Impact of GST Changes on Consumer Goods

The recent overhaul of the GST has resulted in significant tax cuts for many consumer goods. For instance, the tax on butter, cheese, and confectionery has been reduced from 12% to 5%. Similarly, items such as chocolates, biscuits, cornflakes, coffee, ice cream, bottled water, hair oil, soaps, and toothpaste will now be taxed at 5%, down from 18%. Mayank Shah, vice-president at Parle Products, expressed the company’s intention to pass on these tax benefits to consumers through lower prices. However, he also noted the challenges of implementing these changes efficiently without incurring waste.

Amul, another major player in the industry, echoed these concerns, stating that it would be difficult for retailers to immediately reflect the benefits of the tax cuts at the consumer level.
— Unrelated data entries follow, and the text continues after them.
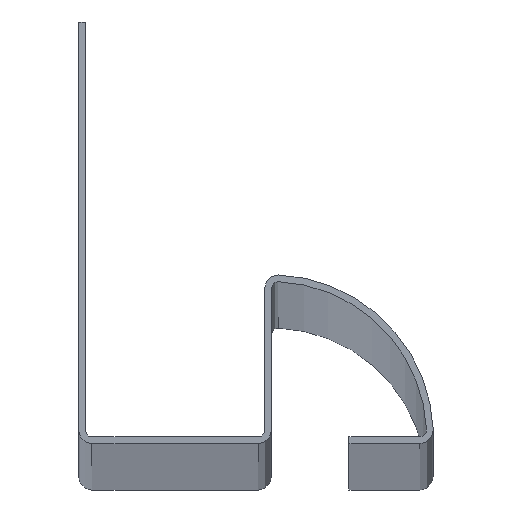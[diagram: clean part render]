
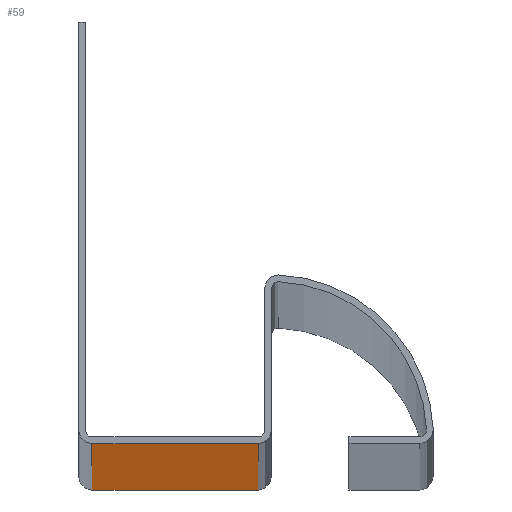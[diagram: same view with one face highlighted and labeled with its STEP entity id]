
A CAD part, top view. The second image highlights one B-rep face of the part: STEP entity #59.
In plain terms, the highlighted planar face has unit normal (0, -1, 0).
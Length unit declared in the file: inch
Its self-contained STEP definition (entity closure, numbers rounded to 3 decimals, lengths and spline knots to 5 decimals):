
#13 = EDGE_LOOP ( 'NONE', ( #116, #555, #626, #371 ) ) ;
#20 = CARTESIAN_POINT ( 'NONE',  ( 0.03937, 0., 78.74016 ) ) ;
#30 = PLANE ( 'NONE',  #609 ) ;
#34 = VECTOR ( 'NONE', #65, 39.37008 ) ;
#39 = VERTEX_POINT ( 'NONE', #221 ) ;
#59 = ADVANCED_FACE ( 'NONE', ( #175 ), #30, .F. ) ;
#63 = LINE ( 'NONE', #120, #34 ) ;
#65 = DIRECTION ( 'NONE',  ( 1., 0., 0. ) ) ;
#108 = CARTESIAN_POINT ( 'NONE',  ( 0.03937, 0., 78.74016 ) ) ;
#116 = ORIENTED_EDGE ( 'NONE', *, *, #262, .T. ) ;
#120 = CARTESIAN_POINT ( 'NONE',  ( 0.03937, 0., 0. ) ) ;
#175 = FACE_OUTER_BOUND ( 'NONE', #13, .T. ) ;
#194 = CARTESIAN_POINT ( 'NONE',  ( 0.03937, 0., 78.74016 ) ) ;
#203 = LINE ( 'NONE', #20, #537 ) ;
#221 = CARTESIAN_POINT ( 'NONE',  ( 0.53188, 0., 78.74016 ) ) ;
#262 = EDGE_CURVE ( 'NONE', #361, #851, #63, .T. ) ;
#283 = EDGE_CURVE ( 'NONE', #349, #361, #560, .T. ) ;
#304 = CARTESIAN_POINT ( 'NONE',  ( 0.53188, 0., 78.74016 ) ) ;
#322 = LINE ( 'NONE', #304, #472 ) ;
#339 = EDGE_CURVE ( 'NONE', #39, #851, #322, .T. ) ;
#349 = VERTEX_POINT ( 'NONE', #194 ) ;
#355 = VECTOR ( 'NONE', #453, 39.37008 ) ;
#361 = VERTEX_POINT ( 'NONE', #725 ) ;
#371 = ORIENTED_EDGE ( 'NONE', *, *, #283, .T. ) ;
#430 = EDGE_CURVE ( 'NONE', #349, #39, #203, .T. ) ;
#452 = CARTESIAN_POINT ( 'NONE',  ( 0.53188, 0., 0. ) ) ;
#453 = DIRECTION ( 'NONE',  ( 0., 0., -1. ) ) ;
#472 = VECTOR ( 'NONE', #514, 39.37008 ) ;
#510 = DIRECTION ( 'NONE',  ( 0., 0., 1. ) ) ;
#514 = DIRECTION ( 'NONE',  ( 0., 0., -1. ) ) ;
#537 = VECTOR ( 'NONE', #816, 39.37008 ) ;
#555 = ORIENTED_EDGE ( 'NONE', *, *, #339, .F. ) ;
#560 = LINE ( 'NONE', #647, #355 ) ;
#609 = AXIS2_PLACEMENT_3D ( 'NONE', #108, #709, #510 ) ;
#626 = ORIENTED_EDGE ( 'NONE', *, *, #430, .F. ) ;
#647 = CARTESIAN_POINT ( 'NONE',  ( 0.03937, 0., 78.74016 ) ) ;
#709 = DIRECTION ( 'NONE',  ( 0., 1., 0. ) ) ;
#725 = CARTESIAN_POINT ( 'NONE',  ( 0.03937, 0., 0. ) ) ;
#816 = DIRECTION ( 'NONE',  ( 1., 0., 0. ) ) ;
#851 = VERTEX_POINT ( 'NONE', #452 ) ;

The dairy brand plans to promote the reduced prices and offer discounts to ensure that consumers benefit from older stock as well.

Proposed Solutions for Pricing Transparency

To enhance billing simplicity and maintain transparency, companies are advocating for the reintroduction of rounding off Maximum Retail Prices (MRPs) to the nearest rupee or 50 paise. They also seek recognition of promotional offers, such as “buy one-get one” deals or increased product grammage, as valid methods to pass on tax cuts to consumers. Packaging costs typically account for 10-15% of the total product cost, depending on the category and brand.

While many fast-moving consumer goods (FMCG) products have moved to the 5% GST slab, essential items like detergents and certain cosmetics remain at 18%. This discrepancy raises concerns among industry players, who fear that it could hinder overall sales. Experts suggest that the rate cuts on personal care and consumer goods could increase disposable incomes, indirectly benefiting discretionary categories like cosmetics and home care.

Future Strategies for Consumer Brands

As the industry navigates these changes, brands are expected to capitalize on the opportunity by offering value-driven products, smaller pack sizes, and targeted outreach in emerging consumption markets. The focus will likely be on adapting to the new pricing landscape while minimizing waste and maximizing consumer engagement. With the GST changes set to take effect soon, the response from the government and the subsequent actions of consumer goods companies will be closely monitored by industry stakeholders.